Pandemi flu 1580 dimulai di Asia selama musim panas, kemudian menyebar ke Afrika dan Eropa. Dalam waktu enam bulan, influenza menyebar dari Eropa selatan sampai ke Eropa utara. Setelahnya, flu sampai Amerika. Jumlah korban sebenarnya tidak diketahui, tetapi 8.000 kematian terjadi hanya di Roma.
Di Eropa, selama abad pertengahan, banyak laporan yang berdatangan dari berbagai negara menggambarkan epidemi infeksi saluran pernapasan yang menyerupai pandemi influenza. Namun, tidak mungkin untuk memastikan bahwa epidemi ini disebabkan oleh influenza. Pada abad 20, tiga pandemi influenza telah terjadi, termasuk pandemi flu Spanyol yang mematikan.

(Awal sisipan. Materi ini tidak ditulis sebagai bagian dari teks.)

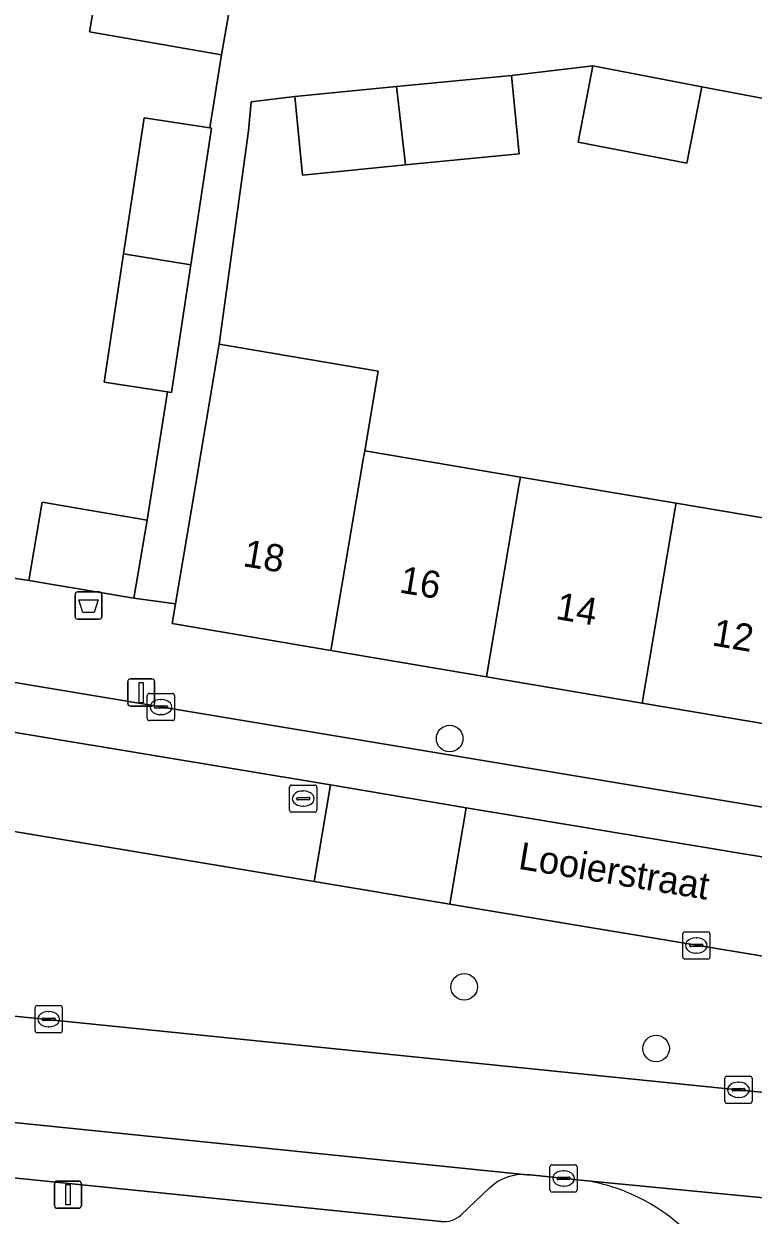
# Model space of a CAD drawing. Extents: x 160856 to 161310, y 384024 to 384878.
# Drawn here: x 161167.28 to 161194.13, y 384674.64 to 384718.5 of the extents above; entities that cross this region are included whole.
import ezdxf

# ---------------------------------------------------------------- set-up
doc = ezdxf.new("R2010")
doc.units = 0
for name, color, linetype in [('IMGEO_Afvalbak', 7, 'Continuous'), ('IMGEO_Boom', 7, 'Continuous'), ('IMGEO_Erf', 7, 'Continuous'), ('IMGEO_Groenvoorziening', 7, 'Continuous'), ('IMGEO_Kolk', 7, 'Continuous'), ('IMGEO_Lichtmast', 7, 'Continuous'), ('IMGEO_Muur', 7, 'Continuous'), ('IMGEO_Openbare_ruimte_label', 7, 'Continuous'), ('IMGEO_Pand', 7, 'Continuous'), ('IMGEO_Pand_nummerreeks', 7, 'Continuous'), ('IMGEO_Parkeervlak_open', 7, 'Continuous'), ('IMGEO_Rijbaan_lokaal_open', 7, 'Continuous'), ('IMGEO_Rioolput', 7, 'Continuous'), ('IMGEO_Voetpad_open', 7, 'Continuous')]:
    doc.layers.add(name, color=color, linetype=linetype)

msp = doc.modelspace()

# ---------------------------------------------------------------- linework, layer by layer
at = {"layer": 'IMGEO_Afvalbak'}
for p, q in [((161169.166, 384696.687), (161169.166, 384697.487)), ((161169.166, 384697.487), (161169.166, 384696.687)), ((161169.266, 384697.587), (161170.056, 384697.587)), ((161170.056, 384697.587), (161169.266, 384697.587)), ((161170.156, 384697.487), (161170.156, 384696.687)), ((161170.156, 384696.687), (161170.156, 384697.487)), ((161170.056, 384696.587), (161169.266, 384696.587)), ((161169.266, 384696.587), (161170.056, 384696.587))]:
    msp.add_line(p, q, dxfattribs=at)
msp.add_lwpolyline([(161169.309, 384697.301), (161170.013, 384697.301), (161169.864, 384696.831), (161169.458, 384696.831), (161169.309, 384697.301)], dxfattribs=at)
for centre, start, end in [((161169.266, 384697.487), 90, 180), ((161169.266, 384697.487), 90, 180), ((161170.056, 384697.487), 0, 90), ((161170.056, 384697.487), 360, 90), ((161169.266, 384696.687), 180, 270), ((161169.266, 384696.687), 180, 270), ((161170.056, 384696.687), 270, 0), ((161170.056, 384696.687), 270, 0)]:
    msp.add_arc(centre, 0.1, start, end, dxfattribs=at)
at = {"layer": 'IMGEO_Boom'}
for centre in [(161182.958, 384692.189), (161183.493, 384683.049), (161190.558, 384680.779)]:
    msp.add_circle(centre, 0.489, dxfattribs=at)
at = {"layer": 'IMGEO_Erf'}
for points in [[(161161.046, 384724.302), (161160.032, 384718.155), (161159.018, 384712.008), (161158.007, 384705.881), (161154.738, 384706.42), (161153.7, 384700.13), (161167.463, 384698.012), (161167.949, 384700.888), (161171.82, 384700.234), (161172.574, 384704.956), (161170.234, 384705.31), (161170.95, 384710.04), (161171.706, 384715.038), (161174.126, 384714.672), (161174.555, 384717.356), (161169.694, 384718.211), (161170.511, 384722.85)], [(161195.881, 384715.501), (161192.238, 384716.183), (161191.691, 384713.369), (161187.686, 384714.146), (161188.233, 384716.961), (161185.235, 384716.603), (161185.517, 384713.714), (161181.333, 384713.306), (161177.545, 384712.936), (161177.263, 384715.825), (161175.651, 384715.631), (161175.548, 384714.563), (161174.476, 384706.71), (161180.326, 384705.721), (161179.83, 384702.787), (161185.562, 384701.818), (161191.294, 384700.85), (161197.026, 384699.881)]]:
    msp.add_lwpolyline(points, dxfattribs=at)
at = {"layer": 'IMGEO_Groenvoorziening'}
for points in [[(161195.22, 384684.061), (161182.965, 384686.099), (161177.965, 384686.926), (161163.306, 384689.368), (161162.797, 384686.255), (161158.825, 384686.907), (161159.285, 384690.038), (161144.834, 384692.446), (161144.71, 384692.468)], [(161143.107, 384684.751), (161143.417, 384684.619), (161144.055, 384684.484), (161147.028, 384683.998), (161194.415, 384679.172), (161194.533, 384679.161)]]:
    msp.add_lwpolyline(points, dxfattribs=at)
at = {"layer": 'IMGEO_Kolk'}
for p, q in [((161171.826, 384692.925), (161171.826, 384693.777)), ((161171.901, 384693.851), (161172.753, 384693.851)), ((161172.314, 384693.631), (161172.339, 384693.631)), ((161172.827, 384693.777), (161172.827, 384692.925)), ((161172.085, 384693.345), (161172.085, 384693.357)), ((161172.523, 384693.308), (161172.125, 384693.308)), ((161172.128, 384693.394), (161172.526, 384693.394)), ((161172.337, 384693.071), (161172.312, 384693.071)), ((161172.569, 384693.357), (161172.569, 384693.345)), ((161172.753, 384692.851), (161171.901, 384692.851)), ((161191.54, 384684.147), (161191.54, 384684.999)), ((161191.615, 384685.073), (161192.467, 384685.073)), ((161192.028, 384684.853), (161192.053, 384684.853)), ((161192.541, 384684.999), (161192.541, 384684.147)), ((161191.799, 384684.567), (161191.799, 384684.579)), ((161192.237, 384684.53), (161191.839, 384684.53)), ((161191.842, 384684.616), (161192.24, 384684.616)), ((161192.051, 384684.293), (161192.026, 384684.293)), ((161192.283, 384684.579), (161192.283, 384684.567)), ((161192.467, 384684.073), (161191.615, 384684.073)), ((161167.694, 384681.432), (161167.694, 384682.284)), ((161167.769, 384682.358), (161168.621, 384682.358)), ((161168.182, 384682.138), (161168.207, 384682.138)), ((161168.695, 384682.284), (161168.695, 384681.432)), ((161167.953, 384681.852), (161167.953, 384681.864)), ((161168.391, 384681.815), (161167.993, 384681.815)), ((161167.996, 384681.901), (161168.394, 384681.901)), ((161168.437, 384681.864), (161168.437, 384681.852)), ((161168.621, 384681.358), (161167.769, 384681.358)), ((161168.205, 384681.578), (161168.18, 384681.578)), ((161193.091, 384678.835), (161193.091, 384679.687)), ((161193.166, 384679.761), (161194.018, 384679.761)), ((161193.579, 384679.541), (161193.604, 384679.541)), ((161194.092, 384679.687), (161194.092, 384678.835)), ((161193.35, 384679.255), (161193.35, 384679.267)), ((161193.788, 384679.218), (161193.39, 384679.218)), ((161193.393, 384679.304), (161193.791, 384679.304)), ((161193.602, 384678.981), (161193.577, 384678.981)), ((161193.834, 384679.267), (161193.834, 384679.255)), ((161194.018, 384678.761), (161193.166, 384678.761)), ((161186.651, 384675.571), (161186.651, 384676.423)), ((161186.726, 384676.497), (161187.578, 384676.497)), ((161187.652, 384676.423), (161187.652, 384675.571)), ((161186.91, 384675.991), (161186.91, 384676.003)), ((161187.348, 384675.954), (161186.95, 384675.954)), ((161186.953, 384676.04), (161187.351, 384676.04)), ((161187.139, 384676.277), (161187.164, 384676.277)), ((161187.394, 384676.003), (161187.394, 384675.991)), ((161187.578, 384675.497), (161186.726, 384675.497)), ((161187.162, 384675.717), (161187.137, 384675.717))]:
    msp.add_line(p, q, dxfattribs=at)
for points in [[(161171.826, 384692.925), (161171.826, 384693.777)], [(161171.901, 384693.851), (161172.753, 384693.851)], [(161172.827, 384693.777), (161172.827, 384692.925)], [(161172.753, 384692.851), (161171.901, 384692.851)], [(161191.54, 384684.147), (161191.54, 384684.999)], [(161191.615, 384685.073), (161192.467, 384685.073)], [(161192.541, 384684.999), (161192.541, 384684.147)], [(161192.467, 384684.073), (161191.615, 384684.073)], [(161167.694, 384681.432), (161167.694, 384682.284)], [(161167.769, 384682.358), (161168.621, 384682.358)], [(161168.695, 384682.284), (161168.695, 384681.432)], [(161168.621, 384681.358), (161167.769, 384681.358)], [(161193.091, 384678.835), (161193.091, 384679.687)], [(161193.166, 384679.761), (161194.018, 384679.761)], [(161194.092, 384679.687), (161194.092, 384678.835)], [(161194.018, 384678.761), (161193.166, 384678.761)], [(161186.651, 384675.571), (161186.651, 384676.423)], [(161186.726, 384676.497), (161187.578, 384676.497)], [(161187.652, 384676.423), (161187.652, 384675.571)], [(161187.578, 384675.497), (161186.726, 384675.497)]]:
    msp.add_lwpolyline(points, dxfattribs=at)
for centre, radius, start, end in [((161171.903, 384693.775), 0.0765, 91.552, 178.448), ((161171.903, 384693.775), 0.0765, 91.552, 178.448), ((161172.751, 384693.775), 0.0765, 1.552, 88.448), ((161172.751, 384693.775), 0.0765, 1.552, 88.448), ((161172.125, 384693.354), 0.0403, 85.8775, 175.7526), ((161172.122, 384693.344), 0.0366, 178.938, 274.7102), ((161172.526, 384693.351), 0.043, 264.8664, 352.4533), ((161172.53, 384693.356), 0.0386, 1.7309, 96.639), ((161171.903, 384692.927), 0.0765, 181.552, 268.448), ((161171.903, 384692.927), 0.0765, 181.552, 268.448), ((161172.751, 384692.927), 0.0765, 271.552, 358.448), ((161172.751, 384692.927), 0.0765, 271.552, 358.448), ((161191.617, 384684.997), 0.0765, 91.552, 178.448), ((161191.617, 384684.997), 0.0765, 91.552, 178.448), ((161192.465, 384684.997), 0.0765, 1.552, 88.448), ((161192.465, 384684.997), 0.0765, 1.552, 88.448), ((161191.839, 384684.576), 0.0403, 85.8775, 175.7526), ((161191.836, 384684.566), 0.0366, 178.938, 274.7102), ((161192.24, 384684.573), 0.043, 264.8664, 352.4533), ((161192.244, 384684.578), 0.0386, 1.7309, 96.639), ((161191.617, 384684.149), 0.0765, 181.552, 268.448), ((161191.617, 384684.149), 0.0765, 181.552, 268.448), ((161192.465, 384684.149), 0.0765, 271.552, 358.448), ((161192.465, 384684.149), 0.0765, 271.552, 358.448), ((161167.771, 384682.282), 0.0765, 91.552, 178.448), ((161167.771, 384682.282), 0.0765, 91.552, 178.448), ((161168.619, 384682.282), 0.0765, 1.552, 88.448), ((161168.619, 384682.282), 0.0765, 1.552, 88.448), ((161167.993, 384681.861), 0.0403, 85.8775, 175.7526), ((161167.99, 384681.851), 0.0366, 178.938, 274.7102), ((161168.394, 384681.858), 0.043, 264.8664, 352.4533), ((161168.398, 384681.863), 0.0386, 1.7309, 96.639), ((161167.771, 384681.434), 0.0765, 181.552, 268.448), ((161167.771, 384681.434), 0.0765, 181.552, 268.448), ((161168.619, 384681.434), 0.0765, 271.552, 358.448), ((161168.619, 384681.434), 0.0765, 271.552, 358.448), ((161193.168, 384679.685), 0.0765, 91.552, 178.448), ((161193.168, 384679.685), 0.0765, 91.552, 178.448), ((161194.016, 384679.685), 0.0765, 1.552, 88.448), ((161194.016, 384679.685), 0.0765, 1.552, 88.448), ((161193.39, 384679.264), 0.0403, 85.8775, 175.7526), ((161193.387, 384679.254), 0.0366, 178.938, 274.7102), ((161193.791, 384679.261), 0.043, 264.8664, 352.4533), ((161193.795, 384679.266), 0.0386, 1.7309, 96.639), ((161193.168, 384678.837), 0.0765, 181.552, 268.448), ((161193.168, 384678.837), 0.0765, 181.552, 268.448), ((161194.016, 384678.837), 0.0765, 271.552, 358.448), ((161194.016, 384678.837), 0.0765, 271.552, 358.448), ((161186.728, 384676.421), 0.0765, 91.552, 178.448), ((161186.728, 384676.421), 0.0765, 91.552, 178.448), ((161187.576, 384676.421), 0.0765, 1.552, 88.448), ((161187.576, 384676.421), 0.0765, 1.552, 88.448), ((161186.95, 384676), 0.0403, 85.8775, 175.7526), ((161186.947, 384675.99), 0.0366, 178.938, 274.7102), ((161187.351, 384675.997), 0.043, 264.8664, 352.4533), ((161187.355, 384676.002), 0.0386, 1.7309, 96.639), ((161186.728, 384675.573), 0.0765, 181.552, 268.448), ((161186.728, 384675.573), 0.0765, 181.552, 268.448), ((161187.576, 384675.573), 0.0765, 271.552, 358.448), ((161187.576, 384675.573), 0.0765, 271.552, 358.448)]:
    msp.add_arc(centre, radius, start, end, dxfattribs=at)
for centre, major_axis, ratio, start_param, end_param in [((161172.313, 384693.351), (-0.387, 0.002), 0.722429, 4.712389, 7.853982), ((161172.338, 384693.351), (-0.39, 0.002), 0.717154, 1.570796, 4.712389), ((161192.027, 384684.573), (-0.387, 0.002), 0.722429, 4.712389, 7.853982), ((161192.052, 384684.573), (-0.39, 0.002), 0.717154, 1.570796, 4.712389), ((161168.181, 384681.858), (-0.387, 0.002), 0.722429, 4.712389, 7.853982), ((161168.206, 384681.858), (-0.39, 0.002), 0.717154, 1.570796, 4.712389), ((161193.578, 384679.261), (-0.387, 0.002), 0.722429, 4.712389, 7.853982), ((161193.603, 384679.261), (-0.39, 0.002), 0.717154, 1.570796, 4.712389), ((161187.138, 384675.997), (-0.387, 0.002), 0.722429, 4.712389, 7.853982), ((161187.163, 384675.997), (-0.39, 0.002), 0.717154, 1.570796, 4.712389)]:
    msp.add_ellipse(centre, major_axis=major_axis, ratio=ratio, start_param=start_param, end_param=end_param, dxfattribs=at)
at = {"layer": 'IMGEO_Lichtmast'}
for p, q in [((161171.206, 384694.383), (161171.996, 384694.383)), ((161171.996, 384694.383), (161171.206, 384694.383)), ((161171.106, 384693.483), (161171.106, 384694.283)), ((161171.106, 384694.283), (161171.106, 384693.483)), ((161172.096, 384694.283), (161172.096, 384693.483)), ((161172.096, 384693.483), (161172.096, 384694.283)), ((161171.996, 384693.383), (161171.206, 384693.383)), ((161171.206, 384693.383), (161171.996, 384693.383)), ((161168.51, 384675.9), (161169.3, 384675.9)), ((161169.3, 384675.9), (161168.51, 384675.9)), ((161168.41, 384675), (161168.41, 384675.8)), ((161168.41, 384675.8), (161168.41, 384675)), ((161169.4, 384675.8), (161169.4, 384675)), ((161169.4, 384675), (161169.4, 384675.8)), ((161169.3, 384674.9), (161168.51, 384674.9)), ((161168.51, 384674.9), (161169.3, 384674.9))]:
    msp.add_line(p, q, dxfattribs=at)
for points in [[(161171.526, 384694.258), (161171.676, 384694.258), (161171.676, 384693.508), (161171.526, 384693.508), (161171.526, 384694.258)], [(161168.83, 384675.775), (161168.98, 384675.775), (161168.98, 384675.025), (161168.83, 384675.025), (161168.83, 384675.775)]]:
    msp.add_lwpolyline(points, dxfattribs=at)
for centre, start, end in [((161171.206, 384694.283), 90, 180), ((161171.206, 384694.283), 90, 180), ((161171.996, 384694.283), 0, 90), ((161171.996, 384694.283), 360, 90), ((161171.206, 384693.483), 180, 270), ((161171.206, 384693.483), 180, 270), ((161171.996, 384693.483), 270, 0), ((161171.996, 384693.483), 270, 0), ((161168.51, 384675.8), 90, 180), ((161168.51, 384675.8), 90, 180), ((161169.3, 384675.8), 0, 90), ((161169.3, 384675.8), 360, 90), ((161168.51, 384675), 180, 270), ((161168.51, 384675), 180, 270), ((161169.3, 384675), 270, 0), ((161169.3, 384675), 270, 0)]:
    msp.add_arc(centre, 0.1, start, end, dxfattribs=at)
at = {"layer": 'IMGEO_Muur'}
msp.add_lwpolyline([(161153.7, 384700.13), (161167.463, 384698.012)], dxfattribs=at)
at = {"layer": 'IMGEO_Pand'}
for points in [[(161175.372, 384721.995), (161170.511, 384722.85), (161169.694, 384718.211), (161174.555, 384717.356)], [(161192.238, 384716.183), (161188.233, 384716.961), (161187.686, 384714.146), (161191.691, 384713.369)], [(161181.333, 384713.306), (161185.517, 384713.714), (161185.235, 384716.603), (161180.997, 384716.19)], [(161181.333, 384713.306), (161180.997, 384716.19), (161177.263, 384715.825), (161177.545, 384712.936)], [(161174.126, 384714.672), (161171.706, 384715.038), (161170.95, 384710.04), (161173.423, 384709.631), (161174.184, 384714.663)], [(161173.423, 384709.631), (161170.95, 384710.04), (161170.234, 384705.31), (161172.574, 384704.956), (161172.712, 384704.935)], [(161178.587, 384695.434), (161179.787, 384702.533), (161179.83, 384702.787), (161180.326, 384705.721), (161174.476, 384706.71), (161173.98, 384703.776), (161173.571, 384701.354), (161172.859, 384697.147), (161172.737, 384696.423)], [(161185.562, 384701.818), (161179.83, 384702.787), (161179.787, 384702.533), (161178.587, 384695.434), (161184.319, 384694.465), (161185.519, 384701.564)], [(161190.051, 384693.497), (161191.251, 384700.595), (161191.294, 384700.85), (161185.562, 384701.818), (161185.519, 384701.564), (161184.319, 384694.465)], [(161167.463, 384698.012), (161171.334, 384697.358), (161171.82, 384700.234), (161167.949, 384700.888)], [(161195.783, 384692.528), (161196.983, 384699.626), (161197.026, 384699.881), (161191.294, 384700.85), (161191.251, 384700.595), (161190.051, 384693.497)]]:
    msp.add_lwpolyline(points, close=True, dxfattribs=at)
at = {"layer": 'IMGEO_Parkeervlak_open'}
for points in [[(161143.528, 384696.307), (161178.569, 384690.489), (161183.564, 384689.645), (161225.466, 384682.697), (161225.789, 384684.447), (161146.911, 384697.588)], [(161185.816, 384676.135), (161143.188, 384680.479)], [(161146.327, 384678.119), (161182.64, 384674.41)], [(161183.374, 384674.644), (161184.431, 384675.657)]]:
    msp.add_lwpolyline(points, dxfattribs=at)
for centre, radius, start, end in [((161185.674, 384674.302), 1.838, 85.557, 132.5248), ((161182.724, 384675.414), 1.008, 265.2063, 310.1584)]:
    msp.add_arc(centre, radius, start, end, dxfattribs=at)
at = {"layer": 'IMGEO_Rijbaan_lokaal_open'}
for points in [[(161135.047, 384698.382), (161134.131, 384691.822), (161135.496, 384692.326), (161139.724, 384693.284), (161140.109, 384693.275), (161144.71, 384692.468), (161144.834, 384692.446), (161159.285, 384690.038), (161163.306, 384689.368), (161177.965, 384686.926), (161178.569, 384690.489)], [(161178.569, 384690.489), (161143.528, 384696.307), (161143.363, 384696.334), (161137.98, 384697.23)], [(161197.076, 384678.923), (161194.533, 384679.161), (161194.415, 384679.172), (161147.028, 384683.998), (161144.055, 384684.484), (161143.417, 384684.619), (161143.107, 384684.751), (161139.04, 384686.479), (161138.533, 384686.696), (161133.972, 384690.601), (161133.242, 384681.338)], [(161225.466, 384682.697), (161183.564, 384689.645), (161182.965, 384686.099), (161195.22, 384684.061), (161197.732, 384683.627), (161223.711, 384679.283)], [(161135.61, 384681.376), (161139.001, 384680.825), (161143.066, 384680.491), (161143.188, 384680.479), (161185.816, 384676.135), (161185.922, 384676.125), (161187.912, 384675.92), (161202.637, 384674.492), (161251.411, 384669.458), (161251.394, 384669.225), (161252.77, 384669.111), (161253.501, 384675.224), (161252.277, 384675.194), (161251.143, 384675.297), (161239.508, 384676.544), (161229.088, 384676.847)], [(161202.637, 384674.492), (161187.912, 384675.92)]]:
    msp.add_lwpolyline(points, dxfattribs=at)
msp.add_lwpolyline([(161183.564, 384689.645), (161178.569, 384690.489), (161177.965, 384686.926), (161182.965, 384686.099)], close=True, dxfattribs=at)
for centre, radius, start, end in [((161186.92, 384669.199), 6.794, 65.3357, 81.6027), ((161186.918, 384669.185), 6.807, 35.0767, 65.3699)]:
    msp.add_arc(centre, radius, start, end, dxfattribs=at)
at = {"layer": 'IMGEO_Rioolput'}
for p, q in [((161177.065, 384689.554), (161177.065, 384690.406)), ((161177.14, 384690.48), (161177.992, 384690.48)), ((161178.066, 384690.406), (161178.066, 384689.554)), ((161177.324, 384689.974), (161177.324, 384689.986)), ((161177.762, 384689.937), (161177.364, 384689.937)), ((161177.367, 384690.023), (161177.765, 384690.023)), ((161177.553, 384690.26), (161177.578, 384690.26)), ((161177.808, 384689.986), (161177.808, 384689.974)), ((161177.576, 384689.7), (161177.551, 384689.7)), ((161177.992, 384689.48), (161177.14, 384689.48))]:
    msp.add_line(p, q, dxfattribs=at)
for points in [[(161177.065, 384689.554), (161177.065, 384690.406)], [(161177.14, 384690.48), (161177.992, 384690.48)], [(161178.066, 384690.406), (161178.066, 384689.554)], [(161177.992, 384689.48), (161177.14, 384689.48)]]:
    msp.add_lwpolyline(points, dxfattribs=at)
for centre, radius, start, end in [((161177.142, 384690.404), 0.0765, 91.552, 178.448), ((161177.142, 384690.404), 0.0765, 91.552, 178.448), ((161177.99, 384690.404), 0.0765, 1.552, 88.448), ((161177.99, 384690.404), 0.0765, 1.552, 88.448), ((161177.364, 384689.983), 0.0403, 85.8775, 175.7526), ((161177.361, 384689.973), 0.0366, 178.938, 274.7102), ((161177.765, 384689.98), 0.043, 264.8664, 352.4533), ((161177.769, 384689.985), 0.0386, 1.7309, 96.639), ((161177.142, 384689.556), 0.0765, 181.552, 268.448), ((161177.142, 384689.556), 0.0765, 181.552, 268.448), ((161177.99, 384689.556), 0.0765, 271.552, 358.448), ((161177.99, 384689.556), 0.0765, 271.552, 358.448)]:
    msp.add_arc(centre, radius, start, end, dxfattribs=at)
for centre, major_axis, ratio, start_param, end_param in [((161177.552, 384689.98), (-0.387, 0.002), 0.722429, 4.712389, 7.853982), ((161177.577, 384689.98), (-0.39, 0.002), 0.717154, 1.570796, 4.712389)]:
    msp.add_ellipse(centre, major_axis=major_axis, ratio=ratio, start_param=start_param, end_param=end_param, dxfattribs=at)
at = {"layer": 'IMGEO_Voetpad_open'}
for points in [[(161175.372, 384721.995), (161174.555, 384717.356), (161174.126, 384714.672), (161174.184, 384714.663), (161173.423, 384709.631), (161172.712, 384704.935), (161172.574, 384704.956), (161171.82, 384700.234), (161171.334, 384697.358), (161172.859, 384697.147), (161173.571, 384701.354), (161173.98, 384703.776), (161174.476, 384706.71), (161175.548, 384714.563), (161175.651, 384715.631), (161177.263, 384715.825), (161180.997, 384716.19), (161185.235, 384716.603), (161188.233, 384716.961), (161192.238, 384716.183), (161195.881, 384715.501)], [(161172.737, 384696.423), (161172.859, 384697.147), (161171.334, 384697.358), (161167.463, 384698.012), (161153.7, 384700.13), (161146.719, 384701.281), (161145.313, 384701.438), (161144.584, 384696.476)], [(161146.911, 384697.588), (161225.789, 384684.447), (161230.353, 384683.679)], [(161254.432, 384675.336), (161255.607, 384680.798), (161253.034, 384681.113), (161241.061, 384682.538), (161238.896, 384682.765), (161230.514, 384686.747), (161226.561, 384687.415), (161224.56, 384687.664), (161218.712, 384688.652), (161212.98, 384689.621), (161207.248, 384690.59), (161201.516, 384691.559), (161195.783, 384692.528), (161190.051, 384693.497), (161184.319, 384694.465), (161178.587, 384695.434), (161172.737, 384696.423)], [(161182.64, 384674.41), (161146.327, 384678.119)], [(161187.912, 384675.92), (161185.922, 384676.125), (161185.816, 384676.135)], [(161184.431, 384675.657), (161183.374, 384674.644)]]:
    msp.add_lwpolyline(points, dxfattribs=at)
for centre, radius, start, end in [((161185.674, 384674.302), 1.838, 85.557, 132.5248), ((161186.92, 384669.199), 6.794, 65.3357, 81.6027), ((161186.918, 384669.185), 6.807, 35.0767, 65.3699), ((161182.724, 384675.414), 1.008, 265.2063, 310.1584)]:
    msp.add_arc(centre, radius, start, end, dxfattribs=at)

# ---------------------------------------------------------------- texts
at = {"layer": 'IMGEO_Openbare_ruimte_label'}
msp.add_text('Looierstraat', height=1, rotation=350.6789, dxfattribs=at).set_placement((161185.452, 384687.399))
at = {"layer": 'IMGEO_Pand_nummerreeks'}
for s, p in [('18', (161175.313, 384698.543)), ('16', (161181.068, 384697.571)), ('14', (161186.827, 384696.597)), ('12', (161192.582, 384695.624))]:
    msp.add_text(s, height=1, rotation=350.4067, dxfattribs=at).set_placement(p)

doc.saveas('drawing.dxf')

Melansir History, hampir 150 tahun setelahnya, pandemi influenza lainnya muncul. Pandemi tersebut dimulai pada 1729 di Rusia dan menyebar ke seluruh Eropa dalam waktu 6 bulan dan seluruh dunia dalam waktu tiga tahun. Raja Louis XV dilaporkan terinfeksi flu tersebut.
Sekitar 40 tahun kemudian, pada 1781, pandemi flu kembali melanda. Pandemi tersebut pertama muncul di China, menyebar ke Rusia, dan kemudian meliputi Eropa dan Amerika Utara selama setahun. Pada puncaknya, pandemi menyerang 30.000 orang setiap hari di St. Petersburg dan memengaruhi dua pertiga populasi di Roma.
Pandemi flu 1830-1833 dimulai di China, kemudian menyebar dengan kapal ke Filipina, India, dan Indonesia. Setelahnya melintasi Rusia dan Eropa, yang mengalami dua pandemi.
Baca juga:
Pembuatan Vaksin Flu
Dikutip dari jurnal National Center for Biotechnology Information, selama pandemi 1918-1919, beberapa ilmuwan mulai curiga bahwa bakteri bukanlah agen utama dari influenza. Salah satunya adalah ilmuwan bernama Richard Edwin Shope, yang meneliti flu babi pada 1920. Namun, baru pada 1932-1933 ilmuwan asal Inggris bernama Wilson Smith, Christopher Andrewes, dan Patrick Laidlaw, bekerja di Medical Research Council di Mill Hill.
Beberapa tahun kemudian, ahli virologi dan epidemiologi Amerika bernama Thomas Francis, Jr dan Smith dapat menularkan virus ke tikus untuk penelitian lebih lanjut.
Kemudian, pada 1935, Frank Macfarlane Burnet dan Wilson Smith secara terpisah menemukan bahwa virus flu dapat ditumbuhkan pada membran dari embrio ayam dan pada 1936 untuk pertama kalinya antibodi dapat dinetralkan dari manusia yang diisolasi akibat influenza. Uji klinis pertama vaksin influenza dilakukan pada pertengahan 1930-an.
Mengingat tingginya angka kematian tentara Perang Dunia I karena flu, militer AS sangat tertarik dengan vaksin flu. Selama Perang Dunia II, tentara AS adalah bagian dari tes lapangan terkait keamanan dan kemanjuran vaksin baru.
Tetapi selama tes 1942-1945 ini, para ilmuwan menemukan influenza tipe B, yang mengharuskan vaksin baru yang melindungi terhadap virus H1N1 dan influenza B.
Setelah pandemi flu Asia muncul pada 1957, vaksin baru yang melindungi dari serangan flu H2N2 dikembangkan. WHO memantau jenis virus influenza yang mewabah di berbagai negara untuk menentukan vaksin flu yang dibutuhkan di musim mendatang.
Dalam seratus tahun sejak virus influenza berhasil diteliti, persiapan vaksin influenza terus berevolusi untuk memastikan perlindungan yang efektif, sambil mempertahankan profil keselamatan dan keefektifan vaksin.